Working data:
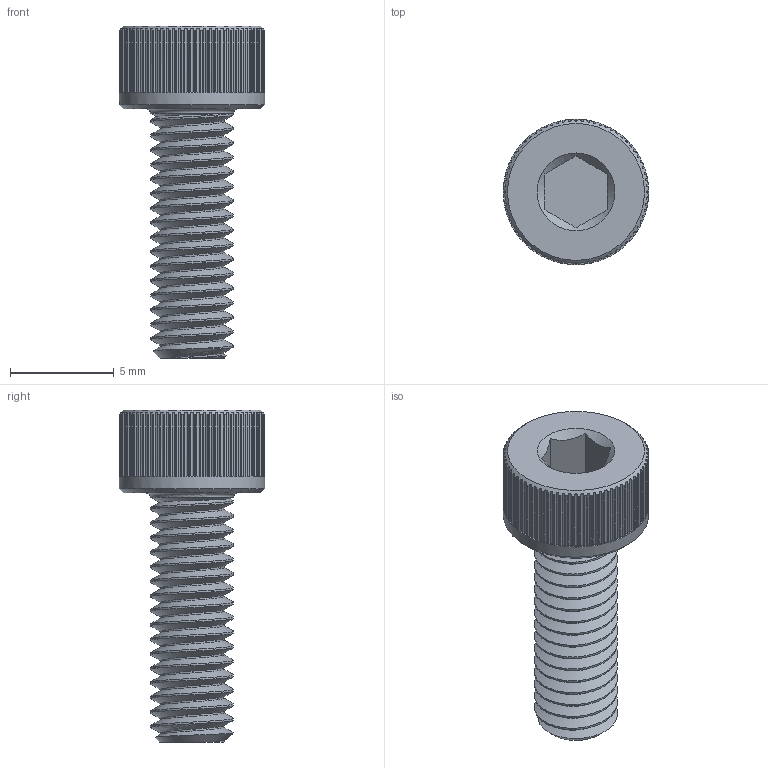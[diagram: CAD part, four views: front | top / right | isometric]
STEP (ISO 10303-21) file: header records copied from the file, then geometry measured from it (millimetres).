
FILE_DESCRIPTION(/* description */ ('STEP AP242 Edition 2','CAx-IF Rec.Pracs.---Representation and Presentation of Product Manufacturing Information (PMI)---4.0---2014-10-13','CAx-IF Rec.Pracs.---3D Tessellated Geometry---0.4---2014-09-14','2;1','CAx-IF Rec.Pracs.---User Defined Attributes---1.5---2016-08-15'),/* implementation_level */ '2;1');
FILE_NAME(/* name */ 'Assembly 1 - m4-12',/* time_stamp */ '2026-09-25T20:07:25Z',/* author */ (''),/* organization */ (''),/* preprocessor_version */ 'ST-DEVELOPER v20',/* originating_system */ 'ONSHAPE BY PTC INC, 1.221',/* authorisation */ ' ');
FILE_SCHEMA (('AP242_MANAGED_MODEL_BASED_3D_ENGINEERING_MIM_LF { 1 0 10303 442 3 1 4 }'));
Length unit declared in the file: metre
Products named in the file (1): m4*12
Bounding box: 7 x 7 x 16 mm (x, y, z)
Volume: 242.5 mm3; surface area: 427.1 mm2
Topology: 1 solids, 1 shells, 309 faces, 982 edges, 677 vertices
Faces by surface type: plane 226, cylinder 75, cone 5, bspline 2, torus 1
Full cylindrical faces by diameter (mm): 7 x1
Entity records: 15340 total; most frequent: CARTESIAN_POINT 7014, ORIENTED_EDGE 1946, DIRECTION 1510, EDGE_CURVE 973, VERTEX_POINT 673, AXIS2_PLACEMENT_3D 533, LINE 444, VECTOR 444

What is being asked: Only the lines from the beginning of the listing through the line with "STEP (ISO 10303-21)", both ends included, are to be repeated exactly; pictures stay out.

Your response:
[diagram: CAD part, four views: front | top / right | isometric]
STEP (ISO 10303-21) file: header records copied from the file, then geometry measured from it (millimetres).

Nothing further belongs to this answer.